The accident, according to LOGAN, is the fourth to occur near the airport since 1928 and brings the total deaths from crashes to 21.
The C-47 crash is the first to occur south of the rimrocks, LOGAN said.
At the Minneapolis home of Captain MILLER, a telegram from the navy department offering him the rank of commander if he would return to the navy was received a few hours after he was killed, an Associated Press dispatch said.
MILLER, a lieutenant commander when he was released from duty with the naval air transport service October 15, flew navy transport ships in the Atlantic service during the war.
Victims Identified.
Great Falls, Dec. 8. -- (AP) -- Names of all but seven of the army personnel killed in the crash of a transport plane at Billings early Saturday morning were released Saturday night by Major C. D. FAIRLESS of the Great Falls army air base.
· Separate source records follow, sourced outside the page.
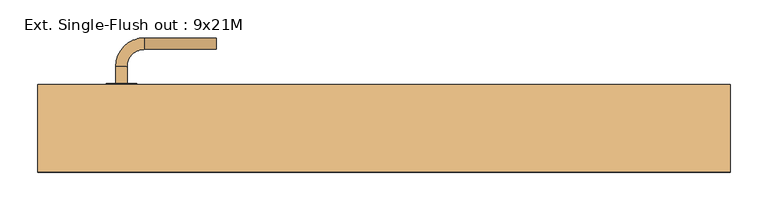
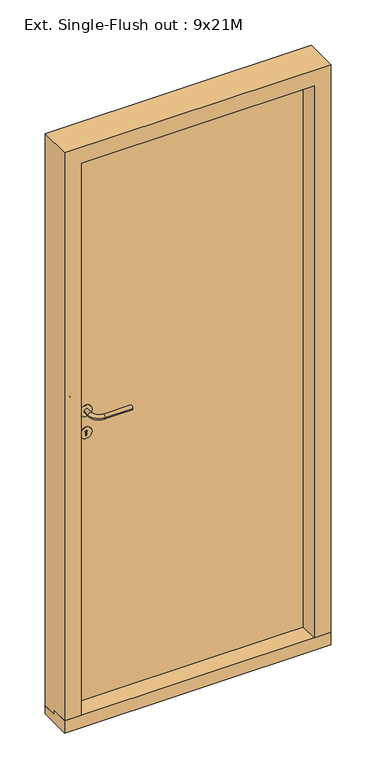
"""IFC4 building model written with IfcOpenShell, lengths in millimetres: door geometry, Ext. Single-Flush out : 9x21M."""

import ifcopenshell
import ifcopenshell.guid

model = None  # the IFC model being written
_history = None  # IfcOwnerHistory: only IFC2X3 demands one
_inside = {}  # id of a spatial element -> (the spatial element, [elements in it])
_under = {}  # id of a project, library or spatial element -> (it, [spatial elements below it])
_declared = {}  # id of a project -> (the project, [libraries it declares])
_typed = {}  # id of a type object -> (the type object, [elements of that type])
_made_of = {}  # id of a material, layer set ... -> (it, [elements and type objects made of it])


def new_model(schema):
    """Start an empty IFC model of exactly this schema.

    Asked for "IFC4X3", IfcOpenShell would pick the latest addendum, in which some entities
    have other attributes; the version numbers below select the first issue.
    IFC2X3 requires an IfcOwnerHistory on every rooted entity: one is made here for all.
    """
    global model, _history
    if schema == "IFC4X3":
        model = ifcopenshell.file(schema_version=(4, 3, 0, 0))
    else:
        model = ifcopenshell.file(schema=schema)
    _inside.clear()
    _under.clear()
    _declared.clear()
    _typed.clear()
    _made_of.clear()
    _history = None
    if model.schema == "IFC2X3":
        org = make("IfcOrganization", Name="unknown")
        user = make(
            "IfcPersonAndOrganization",
            ThePerson=make("IfcPerson", FamilyName="unknown"),
            TheOrganization=org,
        )
        app = make(
            "IfcApplication",
            ApplicationDeveloper=org,
            Version="unknown",
            ApplicationFullName="unknown",
            ApplicationIdentifier="unknown",
        )
        _history = make(
            "IfcOwnerHistory",
            OwningUser=user,
            OwningApplication=app,
            ChangeAction="ADDED",
            CreationDate=0,
        )
    return model


def make(cls, **values):
    """One entity of the class cls with the attributes given. An attribute that is None is left unset."""
    return model.create_entity(
        cls, **{name: value for name, value in values.items() if value is not None}
    )


def rooted(cls, **values):
    """An entity with a GlobalId (a new one), such as an element, a storey or a relation."""
    return make(cls, GlobalId=ifcopenshell.guid.new(), OwnerHistory=_history, **values)


def si_unit(unit_type, name, prefix=None):
    """IfcSIUnit, for example si_unit("LENGTHUNIT", "METRE", prefix="MILLI")."""
    return make("IfcSIUnit", UnitType=unit_type, Prefix=prefix, Name=name)


def assignment(units):
    """IfcUnitAssignment: the units of a project."""
    return None if units is None else make("IfcUnitAssignment", Units=units)


def point(xyz):
    """IfcCartesianPoint."""
    return None if xyz is None else make("IfcCartesianPoint", Coordinates=xyz)


def direction(xyz):
    """IfcDirection."""
    return None if xyz is None else make("IfcDirection", DirectionRatios=xyz)


def frame(location, z_axis=None, x_axis=None):
    """IfcAxis2Placement3D, a coordinate frame: its origin and axes. An axis left out is left unset."""
    return make(
        "IfcAxis2Placement3D",
        Location=point(location),
        Axis=direction(z_axis),
        RefDirection=direction(x_axis),
    )


def frame_2d(location, x_axis=None):
    """IfcAxis2Placement2D, a coordinate frame in the plane: its origin and x axis."""
    return make(
        "IfcAxis2Placement2D", Location=point(location), RefDirection=direction(x_axis)
    )


def origin():
    """The frame at (0, 0, 0) with its axes left unset."""
    return frame((0.0, 0.0, 0.0))


def place(relative_to, where):
    """IfcLocalPlacement: puts the frame where relative to a parent placement (None: the world)."""
    return make(
        "IfcLocalPlacement", PlacementRelTo=relative_to, RelativePlacement=where
    )


def context(
    kind, dimensions, precision=None, world=None, true_north=None, identifier=None
):
    """IfcGeometricRepresentationContext, for example the 3D "Model" context."""
    return make(
        "IfcGeometricRepresentationContext",
        ContextIdentifier=identifier,
        ContextType=kind,
        CoordinateSpaceDimension=dimensions,
        Precision=precision,
        WorldCoordinateSystem=world,
        TrueNorth=true_north,
    )


def project(units=None, contexts=None):
    """IfcProject with its units and contexts."""
    return rooted(
        "IfcProject",
        Name="project",
        RepresentationContexts=contexts,
        UnitsInContext=assignment(units),
    )


def spatial(cls, under=None, at=None, **own):
    """A site, building, storey or space (cls), placed at a placement, below another one or the project."""
    s = rooted(cls, ObjectPlacement=at, **own)
    if under is not None:
        _under.setdefault(under.id(), (under, []))[1].append(s)
    return s


def polyline(points):
    """IfcPolyline through the points."""
    return make("IfcPolyline", Points=[point(p) for p in points])


def circle_curve(where, radius):
    """IfcCircle in the frame where."""
    return make("IfcCircle", Position=where, Radius=radius)


def ellipse_curve(where, semi_axis1, semi_axis2):
    """IfcEllipse in the frame where."""
    return make(
        "IfcEllipse", Position=where, SemiAxis1=semi_axis1, SemiAxis2=semi_axis2
    )


def trimmed(basis, trim1, trim2, sense, master):
    """IfcTrimmedCurve: the piece of a basis curve between two trims."""
    return make(
        "IfcTrimmedCurve",
        BasisCurve=basis,
        Trim1=trim1,
        Trim2=trim2,
        SenseAgreement=sense,
        MasterRepresentation=master,
    )


def segment(curve, same_sense, transition):
    """IfcCompositeCurveSegment."""
    return make(
        "IfcCompositeCurveSegment",
        Transition=transition,
        SameSense=same_sense,
        ParentCurve=curve,
    )


def composite_curve(segments, self_intersect=None):
    """IfcCompositeCurve: segments joined end to end."""
    return make("IfcCompositeCurve", Segments=segments, SelfIntersect=self_intersect)


def outline(outer, holes=None, kind="AREA"):
    """IfcArbitraryClosedProfileDef: a profile drawn as a closed curve; with holes, ...WithVoids."""
    if holes is None:
        return make("IfcArbitraryClosedProfileDef", ProfileType=kind, OuterCurve=outer)
    return make(
        "IfcArbitraryProfileDefWithVoids",
        ProfileType=kind,
        OuterCurve=outer,
        InnerCurves=holes,
    )


def extrude(swept, where, along, depth):
    """IfcExtrudedAreaSolid: the profile swept, set in the frame where, extruded along a direction by depth."""
    return make(
        "IfcExtrudedAreaSolid",
        SweptArea=swept,
        Position=where,
        ExtrudedDirection=direction(along),
        Depth=depth,
    )


def faces_of(points, faces, orient=None, outer=None):
    """IfcFace entities. A face is a list of loops; a loop is a list of indices into points, from 0.

    orient and outer hold one flag for each loop. By default every Orientation is true, the
    first loop of a face is its IfcFaceOuterBound and the others are IfcFaceBound.
    """
    made = []
    for i, loops in enumerate(faces):
        bounds = []
        for j, loop in enumerate(loops):
            is_outer = j == 0 if outer is None else outer[i][j]
            bounds.append(
                make(
                    "IfcFaceOuterBound" if is_outer else "IfcFaceBound",
                    Bound=make("IfcPolyLoop", Polygon=[points[k] for k in loop]),
                    Orientation=True if orient is None else orient[i][j],
                )
            )
        made.append(make("IfcFace", Bounds=bounds))
    return made


def faceted_brep(points, faces, orient=None, outer=None, voids=None):
    """IfcFacetedBrep: a solid bounded by flat faces; with voids (closed shells), ...WithVoids."""
    shared = [point(p) for p in points]
    hull = make("IfcClosedShell", CfsFaces=faces_of(shared, faces, orient, outer))
    if voids is None:
        return make("IfcFacetedBrep", Outer=hull)
    return make(
        "IfcFacetedBrepWithVoids",
        Outer=hull,
        Voids=[
            make(cls, CfsFaces=faces_of(shared, fs, o, b)) for cls, fs, o, b in voids
        ],
    )


def shape(context_of_items, identifier, shape_type, items):
    """IfcShapeRepresentation: the items that make up one representation, for example the "Body"."""
    return make(
        "IfcShapeRepresentation",
        ContextOfItems=context_of_items,
        RepresentationIdentifier=identifier,
        RepresentationType=shape_type,
        Items=items,
    )


def source(mapping_origin, context_of_items, identifier, shape_type, items):
    """IfcRepresentationMap: a shape defined once, which mapped items show again and again."""
    return make(
        "IfcRepresentationMap",
        MappingOrigin=mapping_origin,
        MappedRepresentation=shape(context_of_items, identifier, shape_type, items),
    )


def transform(
    local_origin,
    x_axis=None,
    y_axis=None,
    z_axis=None,
    scale=None,
    scale2=None,
    scale3=None,
    uniform=True,
):
    """IfcCartesianTransformationOperator3D, or its non-uniform kind. x_axis, y_axis, z_axis: its Axis1, 2, 3."""
    if uniform:
        return make(
            "IfcCartesianTransformationOperator3D",
            Axis1=direction(x_axis),
            Axis2=direction(y_axis),
            LocalOrigin=point(local_origin),
            Scale=scale,
            Axis3=direction(z_axis),
        )
    return make(
        "IfcCartesianTransformationOperator3DnonUniform",
        Axis1=direction(x_axis),
        Axis2=direction(y_axis),
        LocalOrigin=point(local_origin),
        Scale=scale,
        Axis3=direction(z_axis),
        Scale2=scale2,
        Scale3=scale3,
    )


def mapped(mapping_source, mapping_target):
    """IfcMappedItem: shows the shape of a source again, moved by a transform."""
    return make(
        "IfcMappedItem", MappingSource=mapping_source, MappingTarget=mapping_target
    )


def made_of(thing, what):
    """Note that an element or type object is made of a material, layer set ...; save() writes the relation."""
    if what is not None:
        _made_of.setdefault(what.id(), (what, []))[1].append(thing)
    return thing


def element(
    cls,
    number,
    at=None,
    inside=None,
    cuts=None,
    type_object=None,
    material=None,
    context=None,
    identifier="Body",
    shape_type=None,
    held_by="IfcProductDefinitionShape",
    body=None,
    shapes=None,
    **own,
):
    """One element of the class cls, such as IfcWall. Its Tag is "e" and its number.

    at: its placement. inside: the storey or other place that contains it. cuts: it is an
    opening in that element (IfcRelVoidsElement). A single representation is given by context,
    identifier, shape_type and body (its items); several are given by shapes. held_by: the class
    of the entity that holds the representations. save() writes the other relations.
    """
    e = rooted(cls, Tag="e%d" % number, ObjectPlacement=at, **own)
    if body is not None:
        shapes = [shape(context, identifier, shape_type, body)]
    if shapes is not None:
        e.Representation = make(held_by, Representations=shapes)
    if inside is not None:
        _inside.setdefault(inside.id(), (inside, []))[1].append(e)
    if cuts is not None:
        rooted(
            "IfcRelVoidsElement", RelatingBuildingElement=cuts, RelatedOpeningElement=e
        )
    if type_object is not None:
        _typed.setdefault(type_object.id(), (type_object, []))[1].append(e)
    return made_of(e, material)


def aggregate(whole, parts):
    """IfcRelAggregates: a whole, such as a stair, and the parts it consists of."""
    return rooted("IfcRelAggregates", RelatingObject=whole, RelatedObjects=parts)


def save(model, path):
    """Write the relations noted so far, then the file.

    IfcRelAggregates (storeys below a building ...), IfcRelContainedInSpatialStructure (elements
    in a storey), IfcRelDefinesByType, IfcRelAssociatesMaterial and IfcRelDeclares: one each for
    every whole, place, type object, material and project.
    """
    for whole, parts in _under.values():
        aggregate(whole, parts)
    for where, things in _inside.values():
        rooted(
            "IfcRelContainedInSpatialStructure",
            RelatedElements=things,
            RelatingStructure=where,
        )
    for kind, things in _typed.values():
        rooted("IfcRelDefinesByType", RelatedObjects=things, RelatingType=kind)
    for what, things in _made_of.values():
        rooted("IfcRelAssociatesMaterial", RelatedObjects=things, RelatingMaterial=what)
    for by, libraries in _declared.values():
        rooted("IfcRelDeclares", RelatingContext=by, RelatedDefinitions=libraries)
    model.write(path)


def plane_surface(at):
    """IfcPlane: the flat surface through the origin of the frame at, square to its z axis."""
    return make("IfcPlane", Position=at)


def cylinder_surface(at, radius):
    """IfcCylindricalSurface: all points at the distance radius from the z axis of the frame at."""
    return make("IfcCylindricalSurface", Position=at, Radius=radius)


def revolved_surface(curve, axis_point, axis_direction):
    """IfcSurfaceOfRevolution: the curve turned about the line through axis_point along axis_direction."""
    return make(
        "IfcSurfaceOfRevolution",
        SweptCurve=make("IfcArbitraryOpenProfileDef", ProfileType="CURVE", Curve=curve),
        AxisPosition=make("IfcAxis1Placement", Location=point(axis_point), Axis=direction(axis_direction)),
    )


def advanced_brep(points, edges, surfaces, faces):
    """IfcAdvancedBrep: a solid bounded by faces that lie on surfaces and meet in shared edges.

    An edge is (start, end): straight between two places in points (the first is 0);
    or (start, end, curve); or (start, end, curve, False) where it runs against its curve.
    A face is (place in surfaces, loops), or (place, loops, False) where it looks against
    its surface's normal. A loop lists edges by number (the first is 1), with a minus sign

Other victims, whose next of kin live in rural areas and could not be reached Saturday for notification, will be identified Sunday, the major said.
The dead:
Major RAY K. CRAFT, Raymond, Wash.
First Lieutenant ANTHONY W. ALANSKY, Medford, Ore.
Staff Sergeant THOMAS A. THENSOM, Walla Walla, Wash.
Sergeant CHARLES E. ENNE, Manchester, Wash.
Technician Fourth Grade VIRGIL E. KLANE, Coeur d'Alene, Idaho.
Technician Fourth Grade FRED CHAPMAN, Vancouver, Wash.
Technical Sergeant GLENN C. MARR, Wenatchee, Wash.
Corporal LORELL C. CASSELL, Forks, Wash.
Technician Fifth Grade JOHN M. MARSHALL, Portland, Ore.
Private First Class MACEO M. HOBBS, Los Angeles, Cal.
Critically Injured were:
Corporal MILFORD A. BARNES, Harrisburg, Ore.
Technician Fifth Grade RAYMOND E. EMERSON, Newport, Ore.
Technician Fifth Grade EMIL A. HASCH, Yakima, Wash.
Private First Class RAYMOND PARKINS, Coeur d'Alane, Idaho.